Russo-Kazan Wars
| Date | 1437–1439, 1445 1467–1469 1486–1487 1505–1507 1552–1556 |
| Location | Khanate of Kazan and Muscovy |
| Result | Russian victory |
| Territorial changes | Khanate of Kazan conquered by the Tsardom of Russia |

Belligerents
- Grand Principality of Moscow (pre-1547) Tsardom of Russia (post-1547) Supported by: Qasim Khanate Pro-Moscow factions in Kazan: Khanate of Kazan Supported by: Crimean Khanate Nogai Horde Khanate of Sibir Khanate of Bukhara Anti-Moscow factions in Kazan

Commanders and leaders
- Commanders Vasily II (POW)(1439–1445); Ivan III (1467–1506); Qasim Khan (1467–1469); Daniil Kholmsky (1467, 1487); Möxämmädämin (1484–1519); Ghabdellatif (1496–1502); Vasily Kholmsky (1505–1507); Fyodor Belsky (1506); Shahghali (1518–1521, 1546, 1551–1552); Vasili III (1521–1541); Canghali (1532–1535); Ivan the Terrible (1540–1552); Alexander Gorbatyi-Shuisky (1547–1552); Ivan Vyrodkov (1547–1552);: Commanders Ulugh Muhammad (1439–1445); Mäxmüd (1438–1466); Ibrahim (1467–1469, 1478); Ilham Ghali (1479–1487); Mamuq (1495–1496); Safa Giray (1524–1549); Yadegar Mokhammad (1552); Devlet I Giray (1551–1552);

= Russo-Kazan Wars =

1439–1552 wars between Kazan and Russia

The Russo-Kazan Wars were a series of short, intermittent wars fought between the Grand Principality of Moscow and the Khanate of Kazan between 1437 and 1556. Most of these were wars of succession in Kazan, in which Muscovy intervened on behalf of the dynastic interests of its main ally, the Crimean Khanate. For most of the period, neither side sought to conquer the other, until Ivan the Terrible decided to annex Kazan upon the successful 1552 siege, which was followed by a rebellion lasting until 1556.

==General==
Before it separated from the Golden Horde, the Kazan region was part of Volga Bulgaria (c. 630–1240) and then the Bulgar Ulus of the Golden Horde (c. 1240–1438). They adopted Islam in 921, several decades before the Christianisation of Kievan Rus' was boosted by the conversion of Volodimer in c. 988. In the 1430s, the Khanate of Kazan emerged on the mid-Volga, breaking away from the Golden Horde, and roughly comprising the area of former Volga Bulgaria.

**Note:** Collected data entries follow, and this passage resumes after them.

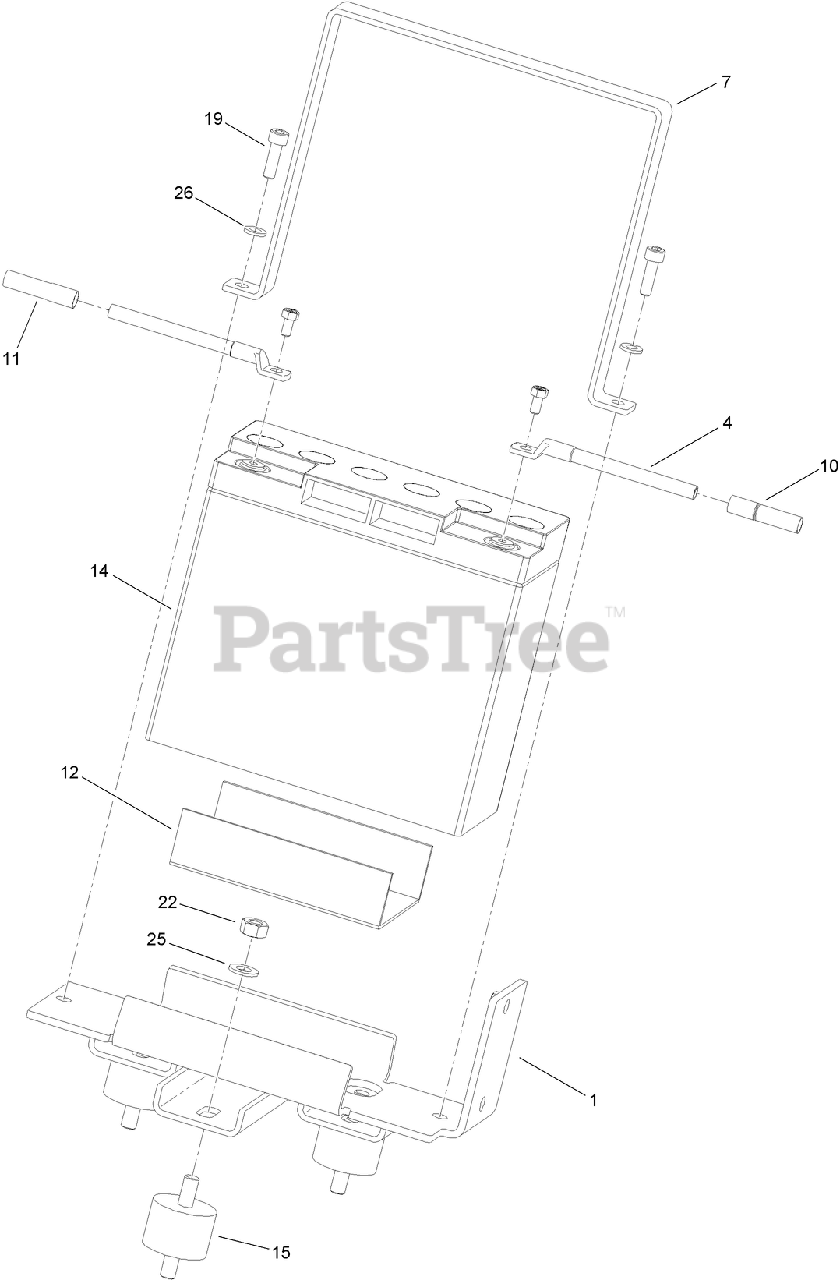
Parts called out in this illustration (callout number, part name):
1	CARRIER-BATTERY
4	WIRE-BATTERY
7	HOLDER-BATTERY
10	TUBING-BLUE
11	TUBING-RED
12	RUBBER
14	BATTERY
15	MOUNT-RUBBER
25	WASHER
26	WASHER
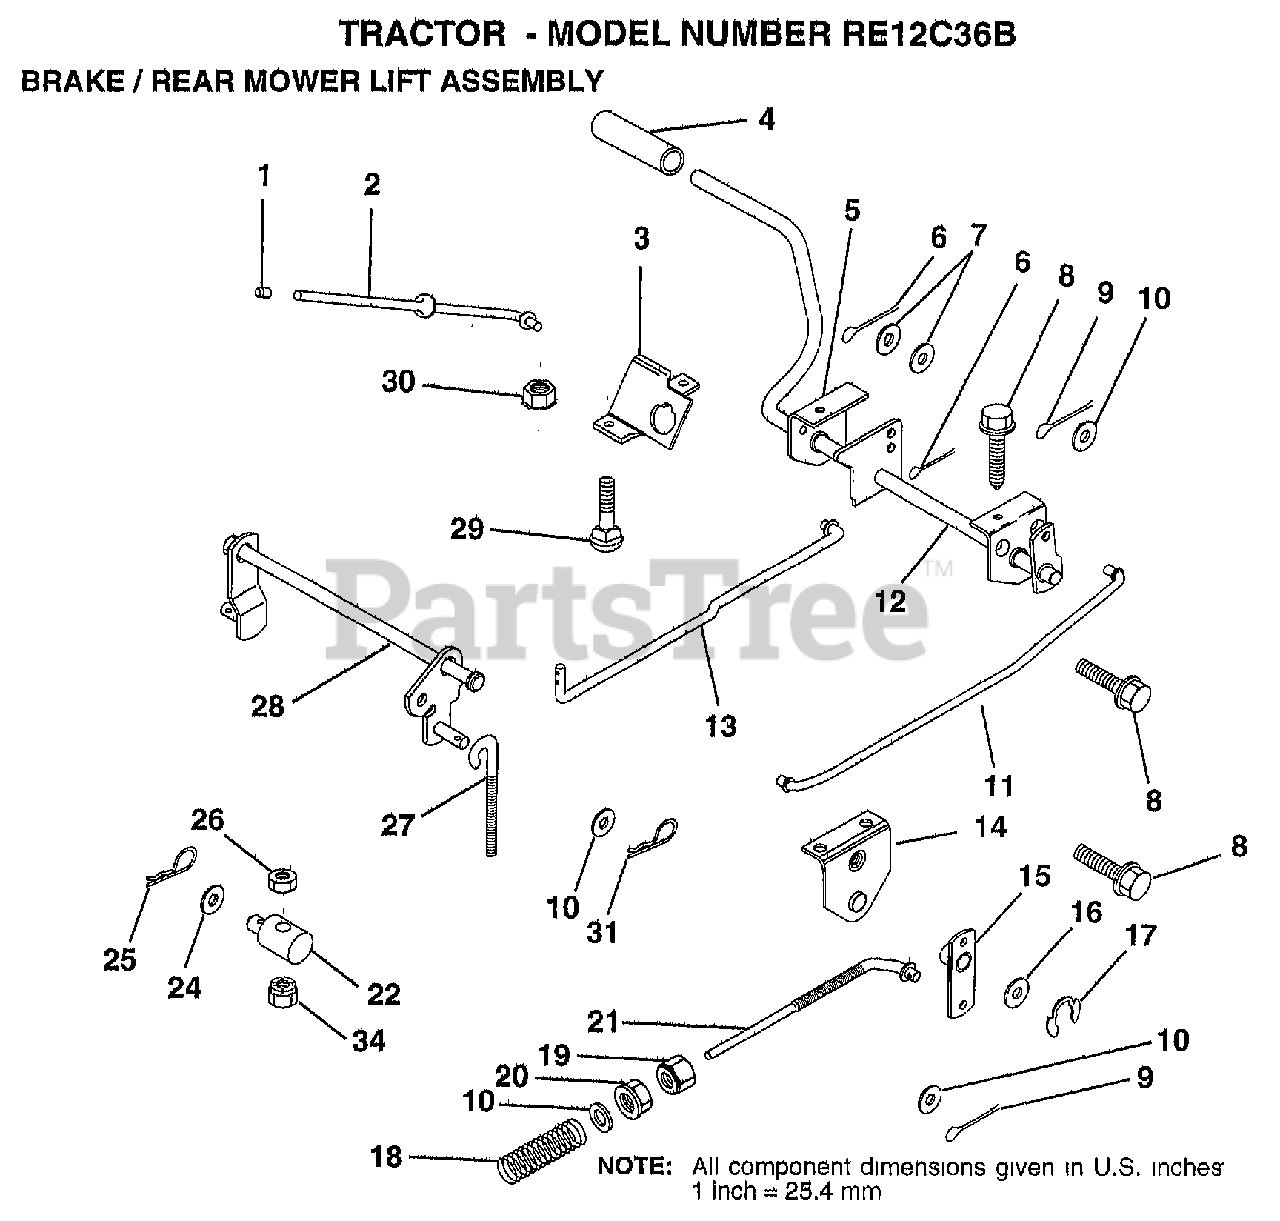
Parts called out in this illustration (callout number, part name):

Charles J. Halperin (1987) noted: 'Muscovy's relations with the Kazan' khanate were complex, her aggressive intentions tempered by the lure of trade and her own limited military capability.' Both Kazan and Muscovy experienced wars of succession within their reigning families in the 15th and 16th century. The Muscovite War of Succession between Vasily Vasilyevich and his uncle Dmitry Shemyaka tore Muscovy apart from 1425 to 1453, while Ulugh Muhammad (Ulu-Mehmed), the first khan of Kazan, was murdered by his son Mäxmüd (Mahmutek), who then expelled his brothers Qasim and Yakub. For most of the decades-long intermittent conflict, neither the Kazanians sought to conquer Moscow, nor did the Muscovites make any attempt to conquer Kazan.

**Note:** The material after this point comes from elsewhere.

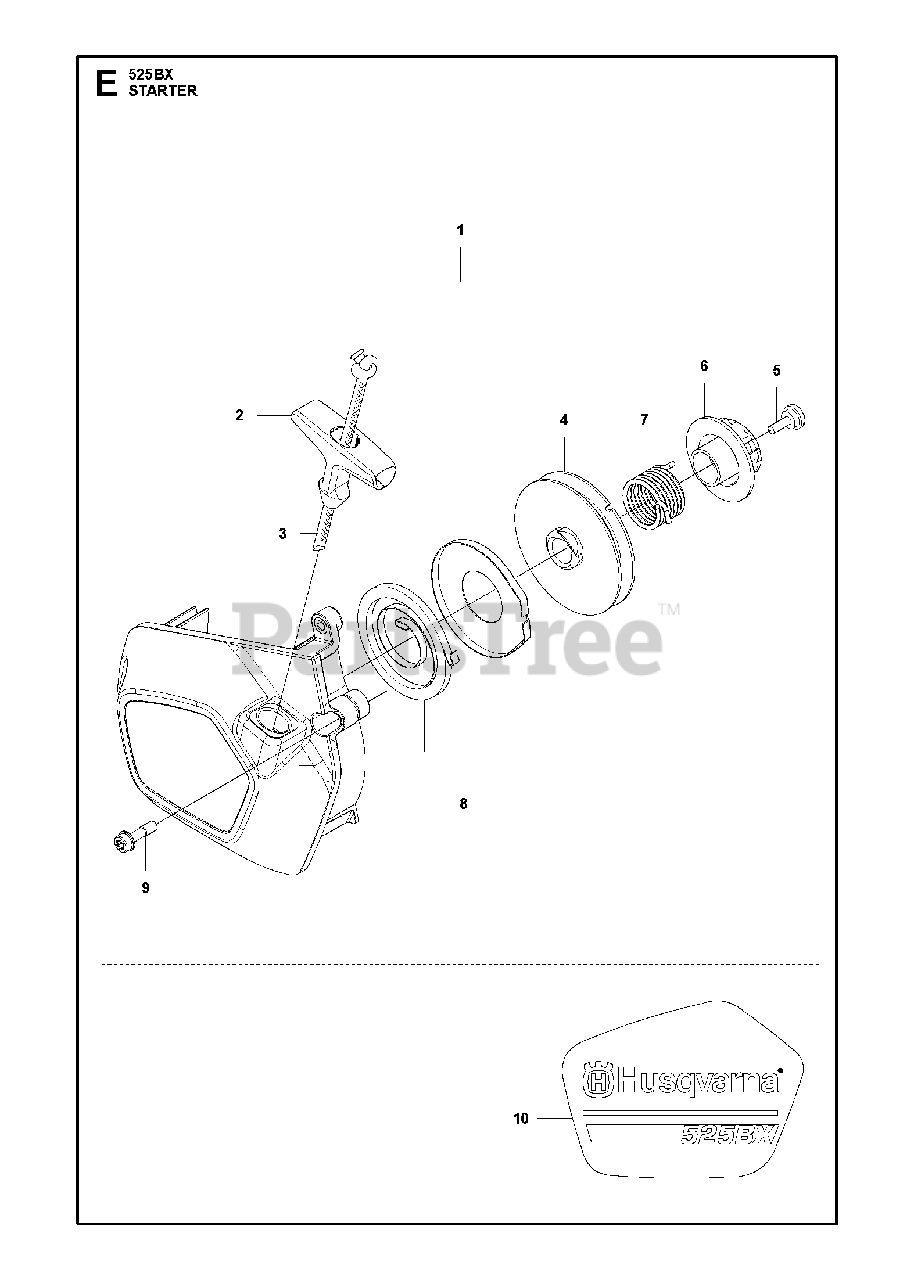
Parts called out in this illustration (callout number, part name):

The foreign policy of Ivan III centred on his alliance with the Crimean Khanate, and both Ivan III and Vasily III used their military might to uphold the dynastic interests of the Crimean khans in Kazan. The princes of Moscow contented themselves with maintaining a pro-Crimean khan on the Kazan throne whenever they could exploit a dynastic conflict. Although Ivan III failed to put a puppet on the throne during the 1466–1469 Kazan succession crisis, the 1469 peace treaty meant 20 years of relative peace between Muscovy and an initially anti-Muscovite khan, Ibrahim. During the 1486–1487 succession dispute, however, Ivan managed to place the Crimean khan Meñli I Giray's stepson Möxämmädämin (Muhammed Amin) on the throne of Kazan. When Ivan III died in 1505, his will still allocated tributes to the Qasim Khanate, the Crimean Khanate, the Astrakhan Khanate, and the Khanate of Kazan, although the sums were smaller than those of previous Muscovite princes. Vasily III continued Ivan's pro-Crimean policies, and during their reigns, the Khanate of Kazan, the Principality of Moscow and the Crimea Khanate were allies, the latter being the senior partner of the other two.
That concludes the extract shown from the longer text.